- ACTION ITEM
Report each line of the entries that includes "origin" by copying it.

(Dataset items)
■ ■ ■ ■ ■

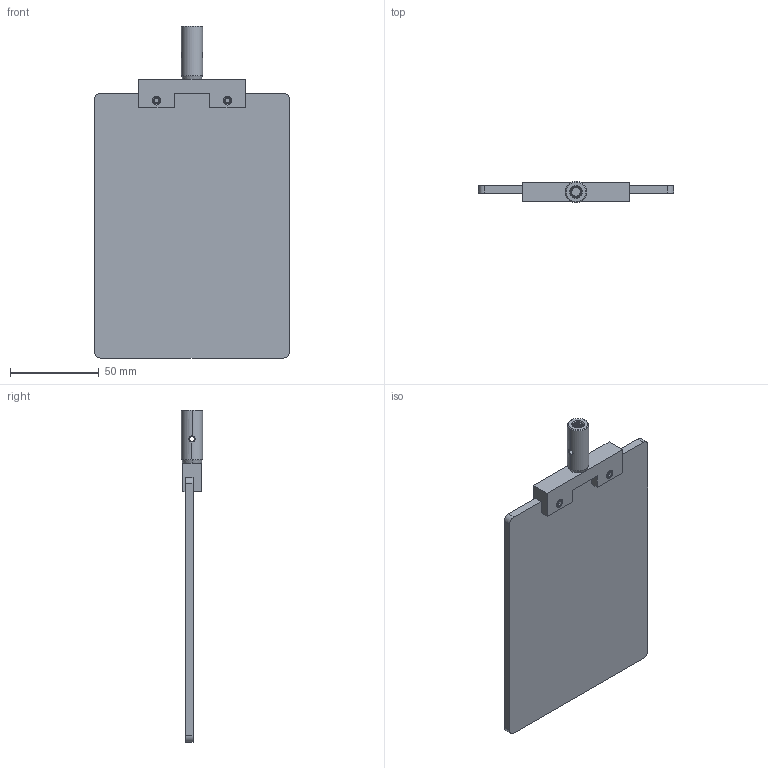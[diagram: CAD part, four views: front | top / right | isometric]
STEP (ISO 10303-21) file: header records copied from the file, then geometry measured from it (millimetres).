
FILE_DESCRIPTION((''),'2;1');
FILE_NAME('PIS-A_ASM','2021-07-30T',('daizhiwen'),(''),'CREO PARAMETRIC BY PTC INC, 2018360','CREO PARAMETRIC BY PTC INC, 2018360','');
FILE_SCHEMA(('CONFIG_CONTROL_DESIGN'));
Products named in the file (6): PIS-A_A1; PIS-A_A2; M4X5_HS_2; PCA3-S; M4X16_HS; PIS-A_ASM
Assembly tree (6 placements, depth 2):
  PIS-A_ASM
    PIS-A_A1
    PIS-A_A2
    M4X5_HS_2  x2
    PCA3-S
    M4X16_HS
Bounding box: 110 x 12 x 187 mm (x, y, z)
Volume: 82275.6 mm3; surface area: 41926.5 mm2
Topology: 6 solids, 6 shells, 1081 faces, 2947 edges, 1920 vertices
Faces by surface type: plane 627, cylinder 226, bspline 185, cone 26, extrusion 17
Entity records: 65839 total; most frequent: CARTESIAN_POINT 41300, ORIENTED_EDGE 5630, DIRECTION 4007, EDGE_CURVE 2815, VECTOR 2129, LINE 2112, VERTEX_POINT 1836, EDGE_LOOP 1079
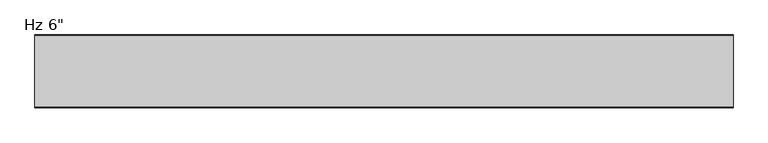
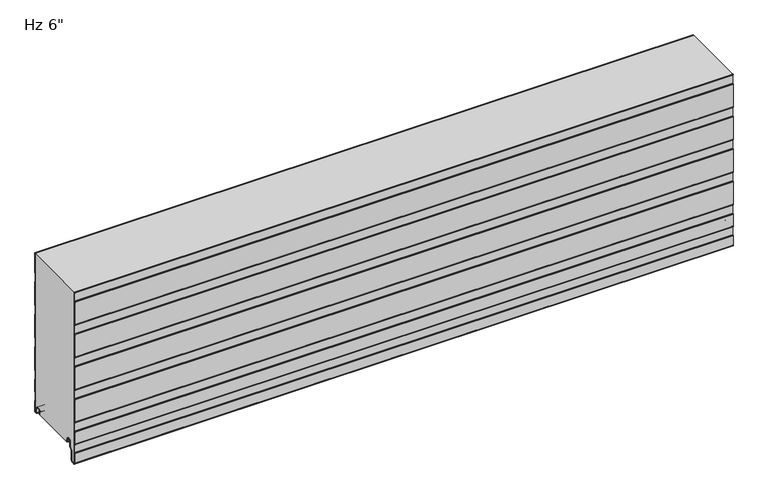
"""IFC4 building model written with IfcOpenShell, lengths in millimetres: plate geometry."""

from ifc_helpers import new_model, si_unit, point, frame, frame_2d, origin, place, context, project, spatial, polyline, circle_curve, trimmed, segment, composite_curve, outline, extrude, source, transform, mapped, element, save
from ifc_brep_helpers import plane_surface, cylinder_surface, revolved_surface, advanced_brep


def plate_0e54a912(model_context):
    return source(origin(), model_context, "Body", "SolidModel", [
        extrude(outline(composite_curve([segment(trimmed(circle_curve(frame_2d((-150.9998717, -10.6415934)), 1.3998661), [point((-152.3997378, -10.6415934))], [point((-151.9324955, -9.5976403))], False, "CARTESIAN"), True, "CONTINUOUS"), segment(polyline([(-151.9324955, -9.5976403), (-151.1997693, -8.8649141), (-151.1997693, 10.0260713), (-151.9327349, 10.7590369)]), True, "CONTINUOUS"), segment(trimmed(circle_curve(frame_2d((-151.0000237, 11.8030877)), 1.3999972), [point((-151.9327349, 10.7590369))], [point((-152.4, 11.810741))], False, "CARTESIAN"), True, "CONTINUOUS"), segment(polyline([(-152.4, 11.810741), (-152.4, 40.1582542)]), True, "CONTINUOUS"), segment(trimmed(circle_curve(frame_2d((-151.0000028, 40.1582542)), 1.3999972), [point((-152.4, 40.1582542))], [point((-151.932714, 41.202305))], False, "CARTESIAN"), True, "CONTINUOUS"), segment(polyline([(-151.932714, 41.202305), (-151.1997693, 41.9352497), (-151.1997693, 60.8259189), (-151.9327349, 61.5588845)]), True, "CONTINUOUS"), segment(trimmed(circle_curve(frame_2d((-151.0000237, 62.6029353)), 1.3999972), [point((-151.9327349, 61.5588845))], [point((-152.4, 62.6105886))], False, "CARTESIAN"), True, "CONTINUOUS"), segment(polyline([(-152.4, 62.6105886), (-152.4, 116.3581018)]), True, "CONTINUOUS"), segment(trimmed(circle_curve(frame_2d((-151.0000028, 116.3581018)), 1.3999972), [point((-152.4, 116.3581018))], [point((-151.932714, 117.4021526))], False, "CARTESIAN"), True, "CONTINUOUS"), segment(polyline([(-151.932714, 117.4021526), (-151.1997693, 118.1350973), (-151.1997693, 137.0257665), (-151.9327349, 137.7587321)]), True, "CONTINUOUS"), segment(trimmed(circle_curve(frame_2d((-151.0000237, 138.8027829)), 1.3999972), [point((-151.9327349, 137.7587321))], [point((-152.4, 138.8104362))], False, "CARTESIAN"), True, "CONTINUOUS"), segment(polyline([(-152.4, 138.8104362), (-152.4, 192.5579494)]), True, "CONTINUOUS"), segment(trimmed(circle_curve(frame_2d((-151.0000028, 192.5579494)), 1.3999972), [point((-152.4, 192.5579494))], [point((-151.932714, 193.6020002))], False, "CARTESIAN"), True, "CONTINUOUS"), segment(polyline([(-151.932714, 193.6020002), (-151.1997693, 194.3349449), (-151.1997693, 213.2256141), (-151.9327349, 213.9585797)]), True, "CONTINUOUS"), segment(trimmed(circle_curve(frame_2d((-151.0000237, 215.0026305)), 1.3999972), [point((-151.9327349, 213.9585797))], [point((-152.4, 215.0102838))], False, "CARTESIAN"), True, "CONTINUOUS"), segment(polyline([(-152.4, 215.0102838), (-152.4, 268.757797)]), True, "CONTINUOUS"), segment(trimmed(circle_curve(frame_2d((-151.0000028, 268.757797)), 1.3999972), [point((-152.4, 268.757797))], [point((-151.932714, 269.8018478))], False, "CARTESIAN"), True, "CONTINUOUS"), segment(polyline([(-151.932714, 269.8018478), (-151.1997693, 270.5347925), (-151.1997693, 289.4254617), (-151.9327349, 290.1584273)]), True, "CONTINUOUS"), segment(trimmed(circle_curve(frame_2d((-151.0000237, 291.2024781)), 1.3999972), [point((-151.9327349, 290.1584273))], [point((-152.4, 291.2101314))], False, "CARTESIAN"), True, "CONTINUOUS"), segment(polyline([(-152.4, 291.2101314), (-152.4, 344.9576446)]), True, "CONTINUOUS"), segment(trimmed(circle_curve(frame_2d((-151.0000028, 344.9576446)), 1.3999972), [point((-152.4, 344.9576446))], [point((-151.932714, 346.0016954))], False, "CARTESIAN"), True, "CONTINUOUS"), segment(polyline([(-151.932714, 346.0016954), (-151.1997693, 346.7346401), (-151.1997693, 365.6253093), (-151.9327349, 366.3582749)]), True, "CONTINUOUS"), segment(trimmed(circle_curve(frame_2d((-151.0000237, 367.4023257)), 1.3999972), [point((-151.9327349, 366.3582749))], [point((-152.4, 367.409979))], False, "CARTESIAN"), True, "CONTINUOUS"), segment(polyline([(-152.4, 367.409979), (-152.4, 368.0), (-151.4, 368.0), (-151.4, 367.240544), (-150.1997693, 366.0403133), (-150.1997693, 346.3209008), (-151.4, 345.1206701), (-151.4, 291.0405383), (-150.1997693, 289.8403076), (-150.1997693, 270.1208951), (-151.4, 268.9206644), (-151.4, 214.8405326), (-150.1997693, 213.6403019), (-150.1997693, 193.9208894), (-151.4, 192.7206587), (-151.4, 138.6405269), (-150.1997693, 137.4402962), (-150.1997693, 117.7208837), (-151.4, 116.520653), (-151.4, 62.4405213), (-150.1997693, 61.2402905), (-150.1997693, 41.520878), (-151.4, 40.3206473), (-151.4, 11.6405156), (-150.1997693, 10.4402849), (-150.1997693, -9.2791277), (-151.3997378, -10.4790962), (-151.3997378, -32.4521176)]), True, "CONTINUOUS"), segment(trimmed(circle_curve(frame_2d((-148.8294985, -32.4521176)), 2.5702393), [point((-151.3997378, -32.4521176))], [point((-148.6054129, -35.0125699))], True, "CARTESIAN"), True, "CONTINUOUS"), segment(polyline([(-148.6054129, -35.0125699), (-143.623592, -34.5765709)]), True, "CONTINUOUS"), segment(trimmed(circle_curve(frame_2d((-144.1049826, -31.9198392)), 2.6999926), [point((-143.623592, -34.5765709))], [point((-141.40499, -31.9198392))], True, "CARTESIAN"), True, "CONTINUOUS"), segment(polyline([(-141.40499, -31.9198392), (-141.40499, -9.8247096), (-135.9029189, -4.3226385)]), True, "CONTINUOUS"), segment(trimmed(circle_curve(frame_2d((-137.1049966, -3.1205608)), 1.6999946), [point((-135.9029189, -4.3226385))], [point((-135.405002, -3.1205608))], True, "CARTESIAN"), True, "CONTINUOUS"), segment(polyline([(-135.405002, -3.1205608), (-135.405002, 8.6903283)]), True, "CONTINUOUS"), segment(trimmed(circle_curve(frame_2d((-132.0550067, 8.6903283)), 3.3499953), [point((-135.405002, 8.6903283))], [point((-132.0550067, 12.0403236))], False, "CARTESIAN"), True, "CONTINUOUS"), segment(polyline([(-132.0550067, 12.0403236), (-127.6550155, 12.0403236)]), True, "CONTINUOUS"), segment(trimmed(circle_curve(frame_2d((-127.6550155, 8.6903283)), 3.3499953), [point((-127.6550155, 12.0403236))], [point((-124.3050202, 8.6903283))], False, "CARTESIAN"), True, "CONTINUOUS"), segment(polyline([(-124.3050202, 8.6903283), (-124.3050202, 5.9912173), (-122.9065413, 5.9912173), (-122.9065413, 2.2328239)]), True, "CONTINUOUS"), segment(trimmed(circle_curve(frame_2d((-124.106538, 2.2313092)), 1.1999976), [point((-122.9065413, 2.2328239))], [point((-124.0760161, 1.0316999))], False, "CARTESIAN"), True, "CONTINUOUS"), segment(trimmed(circle_curve(frame_2d((-124.106538, 2.2313092)), 1.1999976), [point((-124.0760161, 1.0316999))], [point((-125.3050202, 2.1710221))], False, "CARTESIAN"), True, "CONTINUOUS"), segment(polyline([(-125.3050202, 2.1710221), (-125.3050202, 8.6903283)]), True, "CONTINUOUS"), segment(trimmed(circle_curve(frame_2d((-127.6550155, 8.6903283)), 2.3499953), [point((-125.3050202, 8.6903283))], [point((-127.6550155, 11.0403236))], True, "CARTESIAN"), True, "CONTINUOUS"), segment(polyline([(-127.6550155, 11.0403236), (-132.0550067, 11.0403236)]), True, "CONTINUOUS"), segment(trimmed(circle_curve(frame_2d((-132.0550067, 8.6903283)), 2.3499953), [point((-132.0550067, 11.0403236))], [point((-134.405002, 8.6903283))], True, "CARTESIAN"), True, "CONTINUOUS"), segment(polyline([(-134.405002, 8.6903283), (-134.405002, -3.1205608)]), True, "CONTINUOUS"), segment(trimmed(circle_curve(frame_2d((-137.1049966, -3.1205608)), 2.6999946), [point((-134.405002, -3.1205608))], [point((-135.1958121, -5.0297453))], False, "CARTESIAN"), True, "CONTINUOUS"), segment(polyline([(-135.1958121, -5.0297453), (-140.0242296, -9.8581627)]), True, "CONTINUOUS"), segment(trimmed(circle_curve(frame_2d((-139.1049926, -10.7773997)), 1.2999974), [point((-140.0242296, -9.8581627))], [point((-140.40499, -10.7773997))], True, "CARTESIAN"), True, "CONTINUOUS"), segment(polyline([(-140.40499, -10.7773997), (-140.40499, -31.9198392)]), True, "CONTINUOUS"), segment(trimmed(circle_curve(frame_2d((-144.1049826, -31.9198392)), 3.6999926), [point((-140.40499, -31.9198392))], [point((-143.4941815, -35.5690675))], False, "CARTESIAN"), True, "CONTINUOUS"), segment(polyline([(-143.4941815, -35.5690675), (-148.5182281, -36.008762)]), True, "CONTINUOUS"), segment(trimmed(circle_curve(frame_2d((-148.8294985, -32.4521176)), 3.5702393), [point((-148.5182281, -36.008762))], [point((-152.3997378, -32.4521176))], False, "CARTESIAN"), True, "CONTINUOUS"), segment(polyline([(-152.3997378, -32.4521176), (-152.3997378, -10.6415934)]), True, "CONTINUOUS")], self_intersect=False)), frame((-730.0, 0.0, 0.0), z_axis=(1.0, 0.0, 0.0), x_axis=(0.0, 1.0, 0.0)), (0.0, 0.0, 1.0), 1460.0),
        advanced_brep(
        [(-730.0, -17.0015159, 2.0313088), (-730.0, -18.0015191, 1.0313115), (-730.0, -19.0015105, 2.0313088), (-730.0, -19.0015105, 6.0315124), (-730.0, -18.0015159, 6.0315124), (-730.0, -18.0015159, 8.7237222), (-730.0, -14.7015202, 12.0237179), (-730.0, -10.301529, 12.0237179), (-730.0, -7.0015335, 8.7237224), (-730.0, -7.0015335, -1.6962565), (-730.0, -5.2315393, -3.4662507), (-730.0, -0.9999916, -3.4662507), (-730.0, -0.9999916, 21.034026), (-730.0, -2.2002307, 22.4196686), (-730.0, -2.2002307, 41.7948349), (-730.0, -1.0, 43.1804678), (-730.0, -1.0, 71.8338832), (-730.0, -2.2002307, 73.2195162), (-730.0, -2.2002307, 92.5946825), (-730.0, -1.0, 93.9803154), (-730.0, -1.0, 148.0337308), (-730.0, -2.2002307, 149.4193638), (-730.0, -2.2002307, 168.7945301), (-730.0, -1.0, 170.180163), (-730.0, -1.0, 224.2335784), (-730.0, -2.2002307, 225.6192114), (-730.0, -2.2002307, 244.9943777), (-730.0, -1.0, 246.3800106), (-730.0, -1.0, 300.433426), (-730.0, -2.2002307, 301.819059), (-730.0, -2.2002307, 321.1942253), (-730.0, -1.0, 322.5798582), (-730.0, -1.0, 368.0), (-730.0, 0.0, 368.0), (-730.0, 0.0, 322.7290094), (-730.0, -0.3417885, 321.8123925), (-730.0, -1.2002307, 320.8213449), (-730.0, -1.2002307, 302.1919394), (-730.0, -0.3417885, 301.2008918), (-730.0, 0.0, 300.2842749), (-730.0, 0.0, 246.5291618), (-730.0, -0.3417885, 245.6125449), (-730.0, -1.2002307, 244.6214973), (-730.0, -1.2002307, 225.9920918), (-730.0, -0.3417885, 225.0010442), (-730.0, 0.0, 224.0844273), (-730.0, 0.0, 170.3293142), (-730.0, -0.3417885, 169.4126973), (-730.0, -1.2002307, 168.4216497), (-730.0, -1.2002307, 149.7922442), (-730.0, -0.3417885, 148.8011966), (-730.0, 0.0, 147.8845797), (-730.0, 0.0, 94.1294666), (-730.0, -0.3417885, 93.2128497), (-730.0, -1.2002307, 92.2218021), (-730.0, -1.2002307, 73.5923966), (-730.0, -0.3417885, 72.601349), (-730.0, 0.0, 71.6847321), (-730.0, 0.0, 43.329619), (-730.0, -0.3417885, 42.4130021), (-730.0, -1.2002307, 41.4219545), (-730.0, -1.2002307, 22.792549), (-730.0, -0.3417885, 21.8015014), (-730.0, 0.0, 20.8847931), (-730.0, 8.4e-06, -3.0662545), (-730.0, -1.3999878, -4.4662507), (-730.0, -5.2315393, -4.4662507), (-730.0, -8.0015335, -1.6962565), (-730.0, -8.0015335, 8.7237224), (-730.0, -10.301529, 11.0237179), (-730.0, -14.7015202, 11.0237179), (-730.0, -17.0015159, 8.7237222), (730.0, -17.0015159, 2.0313088), (730.0, -17.0015159, 8.7237222), (730.0, -14.7015202, 11.0237179), (730.0, -10.301529, 11.0237179), (730.0, -8.0015335, 8.7237224), (730.0, -8.0015335, -1.6962565), (730.0, -5.2315393, -4.4662507), (730.0, -1.3999878, -4.4662507), (730.0, 8.4e-06, -3.0662545), (730.0, 8.4e-06, 20.8848845), (730.0, -0.3417885, 21.8015014), (730.0, -1.2002307, 22.792549), (730.0, -1.2002307, 41.4219545), (730.0, -0.3417885, 42.4130021), (730.0, 0.0, 43.329619), (730.0, 0.0, 71.6847321), (730.0, -0.3417885, 72.601349), (730.0, -1.2002307, 73.5923966), (730.0, -1.2002307, 92.2218021), (730.0, -0.3417885, 93.2128497), (730.0, 0.0, 94.1294666), (730.0, 0.0, 147.8845797), (730.0, -0.3417885, 148.8011966), (730.0, -1.2002307, 149.7922442), (730.0, -1.2002307, 168.4216497), (730.0, -0.3417885, 169.4126973), (730.0, 0.0, 170.3293142), (730.0, 0.0, 224.0844273), (730.0, -0.3417885, 225.0010442), (730.0, -1.2002307, 225.9920918), (730.0, -1.2002307, 244.6214973), (730.0, -0.3417885, 245.6125449), (730.0, 0.0, 246.5291618), (730.0, 0.0, 300.2842749), (730.0, -0.3417885, 301.2008918), (730.0, -1.2002307, 302.1919394), (730.0, -1.2002307, 320.8213449), (730.0, -0.3417885, 321.8123925), (730.0, 0.0, 322.7290094), (730.0, 0.0, 368.0), (730.0, -1.0, 368.0), (730.0, -1.0, 322.5798582), (730.0, -2.2002307, 321.1942253), (730.0, -2.2002307, 301.819059), (730.0, -1.0, 300.433426), (730.0, -1.0, 246.3800106), (730.0, -2.2002307, 244.9943777), (730.0, -2.2002307, 225.6192114), (730.0, -1.0, 224.2335784), (730.0, -1.0, 170.180163), (730.0, -2.2002307, 168.7945301), (730.0, -2.2002307, 149.4193638), (730.0, -1.0, 148.0337308), (730.0, -1.0, 93.9803154), (730.0, -2.2002307, 92.5946825), (730.0, -2.2002307, 73.2195162), (730.0, -1.0, 71.8338832), (730.0, -1.0, 43.1804678), (730.0, -2.2002307, 41.7948349), (730.0, -2.2002307, 22.4196686), (730.0, -0.9999916, 21.034026), (730.0, -0.9999916, -3.4662507), (730.0, -5.2315393, -3.4662507), (730.0, -7.0015335, -1.6962565), (730.0, -7.0015335, 8.7237224), (730.0, -10.301529, 12.0237179), (730.0, -14.7015202, 12.0237179), (730.0, -18.0015159, 8.7237222), (730.0, -18.0015159, 6.0315124), (730.0, -19.0015105, 6.0315124), (730.0, -19.0015105, 2.0313088), (730.0, -18.0015192, 1.0313116)],
        [
            (0, 1, circle_curve(frame((-730.0, -18.0015132, 2.0313088), z_axis=(-1.0, 0.0, 0.0), x_axis=(0.0, 0.0, 1.0)), 0.9999973)),
            (1, 2, circle_curve(frame((-730.0, -18.0015133, 2.0313088), z_axis=(-1.0, 0.0, 0.0), x_axis=(0.0, 0.0, 1.0)), 0.9999972)),
            (2, 3),
            (3, 4),
            (4, 5),
            (5, 6, circle_curve(frame((-730.0, -14.7015202, 8.7237222), z_axis=(-1.0, 0.0, 0.0), x_axis=(0.0, 0.0, 1.0)), 3.2999957)),
            (6, 7),
            (7, 8, circle_curve(frame((-730.0, -10.301529, 8.7237224), z_axis=(-1.0, 0.0, 0.0), x_axis=(0.0, 0.0, 1.0)), 3.2999955)),
            (8, 9),
            (9, 10, circle_curve(frame((-730.0, -5.2315393, -1.6962565), z_axis=(1.0, 0.0, 0.0), x_axis=(0.0, 0.0, 1.0)), 1.7699942)),
            (10, 11),
            (11, 12),
            (12, 13),
            (13, 14),
            (14, 15),
            (15, 16),
            (16, 17),
            (17, 18),
            (18, 19),
            (19, 20),
            (20, 21),
            (21, 22),
            (22, 23),
            (23, 24),
            (24, 25),
            (25, 26),
            (26, 27),
            (27, 28),
            (28, 29),
            (29, 30),
            (30, 31),
            (31, 32),
            (32, 33),
            (33, 34),
            (34, 35, circle_curve(frame((-730.0, -1.3999972, 322.7290094), z_axis=(-1.0, 0.0, 0.0), x_axis=(0.0, 0.0, 1.0)), 1.3999972)),
            (35, 36),
            (36, 37),
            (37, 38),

■ ■ ■ ■ ■

- COMPLETED TASK
from ifc_helpers import new_model, si_unit, point, frame, frame_2d, origin, place, context, project, spatial, polyline, circle_curve, trimmed, segment, composite_curve, outline, extrude, source, transform, mapped, element, save
    return source(origin(), model_context, "Body", "SolidModel", [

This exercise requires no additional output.